Work to be completed
Wherever "STEP" turns up in the entries, copy out the line that holds it.

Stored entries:
**********

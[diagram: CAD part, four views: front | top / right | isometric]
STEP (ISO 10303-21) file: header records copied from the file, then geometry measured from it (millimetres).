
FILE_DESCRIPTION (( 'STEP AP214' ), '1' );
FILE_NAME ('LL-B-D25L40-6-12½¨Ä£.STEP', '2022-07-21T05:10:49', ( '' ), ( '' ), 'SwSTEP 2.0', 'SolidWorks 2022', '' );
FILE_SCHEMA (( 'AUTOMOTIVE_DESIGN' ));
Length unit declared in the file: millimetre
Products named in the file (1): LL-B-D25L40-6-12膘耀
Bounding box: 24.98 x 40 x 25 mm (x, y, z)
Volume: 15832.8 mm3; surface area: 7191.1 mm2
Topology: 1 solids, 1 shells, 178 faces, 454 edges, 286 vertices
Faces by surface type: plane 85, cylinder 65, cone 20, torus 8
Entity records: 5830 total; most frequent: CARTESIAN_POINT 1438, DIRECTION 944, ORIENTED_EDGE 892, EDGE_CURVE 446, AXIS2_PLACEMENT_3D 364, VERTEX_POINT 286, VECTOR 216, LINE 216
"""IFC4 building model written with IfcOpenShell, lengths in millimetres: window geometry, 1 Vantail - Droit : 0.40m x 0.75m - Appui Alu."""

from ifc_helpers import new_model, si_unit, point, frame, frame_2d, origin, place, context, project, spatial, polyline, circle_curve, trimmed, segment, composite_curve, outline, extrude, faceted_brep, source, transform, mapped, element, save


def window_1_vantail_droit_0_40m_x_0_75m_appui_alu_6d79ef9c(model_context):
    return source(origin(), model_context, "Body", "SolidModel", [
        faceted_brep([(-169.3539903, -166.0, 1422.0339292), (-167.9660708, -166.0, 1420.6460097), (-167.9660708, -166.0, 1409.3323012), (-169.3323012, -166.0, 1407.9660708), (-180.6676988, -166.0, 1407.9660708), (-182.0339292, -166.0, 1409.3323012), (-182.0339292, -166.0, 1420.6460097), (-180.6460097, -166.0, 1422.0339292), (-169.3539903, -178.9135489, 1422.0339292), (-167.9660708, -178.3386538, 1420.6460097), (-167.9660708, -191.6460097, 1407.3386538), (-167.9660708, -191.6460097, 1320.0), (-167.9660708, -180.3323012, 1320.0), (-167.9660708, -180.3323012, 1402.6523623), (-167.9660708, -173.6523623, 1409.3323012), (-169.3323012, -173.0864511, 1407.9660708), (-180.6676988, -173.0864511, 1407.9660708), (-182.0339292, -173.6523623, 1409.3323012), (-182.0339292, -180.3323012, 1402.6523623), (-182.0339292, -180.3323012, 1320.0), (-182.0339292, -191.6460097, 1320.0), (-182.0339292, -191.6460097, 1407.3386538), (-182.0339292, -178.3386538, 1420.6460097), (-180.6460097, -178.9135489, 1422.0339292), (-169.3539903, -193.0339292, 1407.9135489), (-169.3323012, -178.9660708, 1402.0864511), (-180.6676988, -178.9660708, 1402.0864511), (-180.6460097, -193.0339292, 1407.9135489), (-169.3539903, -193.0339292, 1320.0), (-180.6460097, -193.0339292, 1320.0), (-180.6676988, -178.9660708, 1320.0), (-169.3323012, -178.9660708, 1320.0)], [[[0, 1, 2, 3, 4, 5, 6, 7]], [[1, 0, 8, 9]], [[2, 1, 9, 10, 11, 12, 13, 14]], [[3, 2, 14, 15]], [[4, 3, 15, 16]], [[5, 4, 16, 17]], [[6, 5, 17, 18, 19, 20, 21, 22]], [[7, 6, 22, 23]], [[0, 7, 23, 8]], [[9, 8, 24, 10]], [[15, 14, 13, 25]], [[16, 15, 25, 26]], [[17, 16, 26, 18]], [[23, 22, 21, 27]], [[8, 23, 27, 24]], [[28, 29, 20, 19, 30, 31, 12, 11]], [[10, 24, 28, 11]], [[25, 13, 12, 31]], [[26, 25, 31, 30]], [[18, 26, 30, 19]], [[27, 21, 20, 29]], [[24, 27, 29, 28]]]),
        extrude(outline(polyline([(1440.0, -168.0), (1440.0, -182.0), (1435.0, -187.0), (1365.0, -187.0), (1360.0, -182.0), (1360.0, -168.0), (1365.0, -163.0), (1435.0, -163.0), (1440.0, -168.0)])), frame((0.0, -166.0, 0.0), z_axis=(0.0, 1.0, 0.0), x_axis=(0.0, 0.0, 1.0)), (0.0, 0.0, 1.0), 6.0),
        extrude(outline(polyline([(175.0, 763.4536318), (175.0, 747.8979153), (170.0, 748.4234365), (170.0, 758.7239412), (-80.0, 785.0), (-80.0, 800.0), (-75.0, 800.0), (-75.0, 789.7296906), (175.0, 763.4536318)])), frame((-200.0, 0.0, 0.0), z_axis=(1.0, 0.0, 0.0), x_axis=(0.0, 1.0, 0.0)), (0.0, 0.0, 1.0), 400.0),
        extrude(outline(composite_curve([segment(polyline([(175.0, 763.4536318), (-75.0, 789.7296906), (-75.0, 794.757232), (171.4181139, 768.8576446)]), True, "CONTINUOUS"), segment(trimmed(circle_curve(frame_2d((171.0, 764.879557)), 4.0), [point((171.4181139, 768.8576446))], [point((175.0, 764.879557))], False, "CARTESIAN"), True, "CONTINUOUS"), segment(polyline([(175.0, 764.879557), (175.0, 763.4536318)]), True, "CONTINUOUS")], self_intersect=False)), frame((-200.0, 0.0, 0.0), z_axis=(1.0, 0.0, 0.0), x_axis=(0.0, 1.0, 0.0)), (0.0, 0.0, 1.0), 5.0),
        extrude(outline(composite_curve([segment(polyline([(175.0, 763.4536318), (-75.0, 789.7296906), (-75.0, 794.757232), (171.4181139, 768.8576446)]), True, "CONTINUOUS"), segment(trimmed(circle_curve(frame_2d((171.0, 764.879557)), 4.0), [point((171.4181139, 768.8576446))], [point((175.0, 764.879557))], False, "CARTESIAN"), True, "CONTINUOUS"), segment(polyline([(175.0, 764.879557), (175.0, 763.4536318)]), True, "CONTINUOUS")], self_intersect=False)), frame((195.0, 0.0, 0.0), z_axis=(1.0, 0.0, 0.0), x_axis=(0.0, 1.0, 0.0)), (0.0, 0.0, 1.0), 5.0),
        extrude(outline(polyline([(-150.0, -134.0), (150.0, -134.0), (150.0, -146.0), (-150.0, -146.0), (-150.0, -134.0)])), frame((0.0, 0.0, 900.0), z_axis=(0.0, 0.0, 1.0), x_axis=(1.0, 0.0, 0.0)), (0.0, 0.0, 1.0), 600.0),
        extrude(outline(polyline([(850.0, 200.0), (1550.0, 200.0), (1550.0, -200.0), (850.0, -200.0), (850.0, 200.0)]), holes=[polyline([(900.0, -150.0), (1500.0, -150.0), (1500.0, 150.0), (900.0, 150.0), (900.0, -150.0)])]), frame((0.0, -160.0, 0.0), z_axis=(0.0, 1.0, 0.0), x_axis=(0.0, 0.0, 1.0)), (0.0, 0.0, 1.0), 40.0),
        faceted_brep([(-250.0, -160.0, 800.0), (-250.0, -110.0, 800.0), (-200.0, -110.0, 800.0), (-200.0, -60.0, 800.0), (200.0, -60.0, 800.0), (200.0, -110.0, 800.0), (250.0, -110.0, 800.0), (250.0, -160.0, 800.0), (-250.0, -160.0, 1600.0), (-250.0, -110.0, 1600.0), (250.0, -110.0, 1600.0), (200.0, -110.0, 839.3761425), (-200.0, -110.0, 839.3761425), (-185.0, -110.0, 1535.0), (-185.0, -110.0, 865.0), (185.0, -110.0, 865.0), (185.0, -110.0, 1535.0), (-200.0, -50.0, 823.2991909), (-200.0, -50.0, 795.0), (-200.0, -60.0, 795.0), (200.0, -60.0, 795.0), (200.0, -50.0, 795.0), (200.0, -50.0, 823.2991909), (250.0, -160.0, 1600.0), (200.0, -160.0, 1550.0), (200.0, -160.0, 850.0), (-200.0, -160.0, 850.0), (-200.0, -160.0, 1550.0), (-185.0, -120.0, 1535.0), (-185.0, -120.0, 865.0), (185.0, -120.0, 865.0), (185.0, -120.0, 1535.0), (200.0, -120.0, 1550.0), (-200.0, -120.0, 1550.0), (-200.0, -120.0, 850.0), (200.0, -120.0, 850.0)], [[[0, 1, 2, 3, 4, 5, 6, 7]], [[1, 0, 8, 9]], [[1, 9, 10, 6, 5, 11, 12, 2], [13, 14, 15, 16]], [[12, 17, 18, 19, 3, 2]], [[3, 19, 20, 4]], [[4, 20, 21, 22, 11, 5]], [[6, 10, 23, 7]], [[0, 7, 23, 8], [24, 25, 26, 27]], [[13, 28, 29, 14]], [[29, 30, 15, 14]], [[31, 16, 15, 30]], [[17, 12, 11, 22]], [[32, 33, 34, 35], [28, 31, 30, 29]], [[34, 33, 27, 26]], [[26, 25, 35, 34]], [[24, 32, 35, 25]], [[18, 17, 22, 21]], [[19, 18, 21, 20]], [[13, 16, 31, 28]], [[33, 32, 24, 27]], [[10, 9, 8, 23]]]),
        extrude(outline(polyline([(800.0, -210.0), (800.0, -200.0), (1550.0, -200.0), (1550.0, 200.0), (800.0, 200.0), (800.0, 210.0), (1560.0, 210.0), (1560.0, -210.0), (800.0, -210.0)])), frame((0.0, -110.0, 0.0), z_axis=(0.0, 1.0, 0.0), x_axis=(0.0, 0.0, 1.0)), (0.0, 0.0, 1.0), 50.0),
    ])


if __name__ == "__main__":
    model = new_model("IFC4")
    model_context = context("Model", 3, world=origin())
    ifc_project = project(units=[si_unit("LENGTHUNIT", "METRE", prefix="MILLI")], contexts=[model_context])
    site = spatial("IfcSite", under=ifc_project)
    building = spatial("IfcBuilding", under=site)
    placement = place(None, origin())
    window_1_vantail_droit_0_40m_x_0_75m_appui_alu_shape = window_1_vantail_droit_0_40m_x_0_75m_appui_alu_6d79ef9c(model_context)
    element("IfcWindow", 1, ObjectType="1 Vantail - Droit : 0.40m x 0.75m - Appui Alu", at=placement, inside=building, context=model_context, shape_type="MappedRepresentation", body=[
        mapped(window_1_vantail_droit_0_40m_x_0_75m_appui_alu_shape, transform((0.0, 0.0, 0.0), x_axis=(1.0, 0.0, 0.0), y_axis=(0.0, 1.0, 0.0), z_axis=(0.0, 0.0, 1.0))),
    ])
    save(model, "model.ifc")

**********

Output for this task
STEP (ISO 10303-21) file: header records copied from the file, then geometry measured from it (millimetres).
FILE_DESCRIPTION (( 'STEP AP214' ), '1' );
FILE_NAME ('LL-B-D25L40-6-12½¨Ä£.STEP', '2022-07-21T05:10:49', ( '' ), ( '' ), 'SwSTEP 2.0', 'SolidWorks 2022', '' );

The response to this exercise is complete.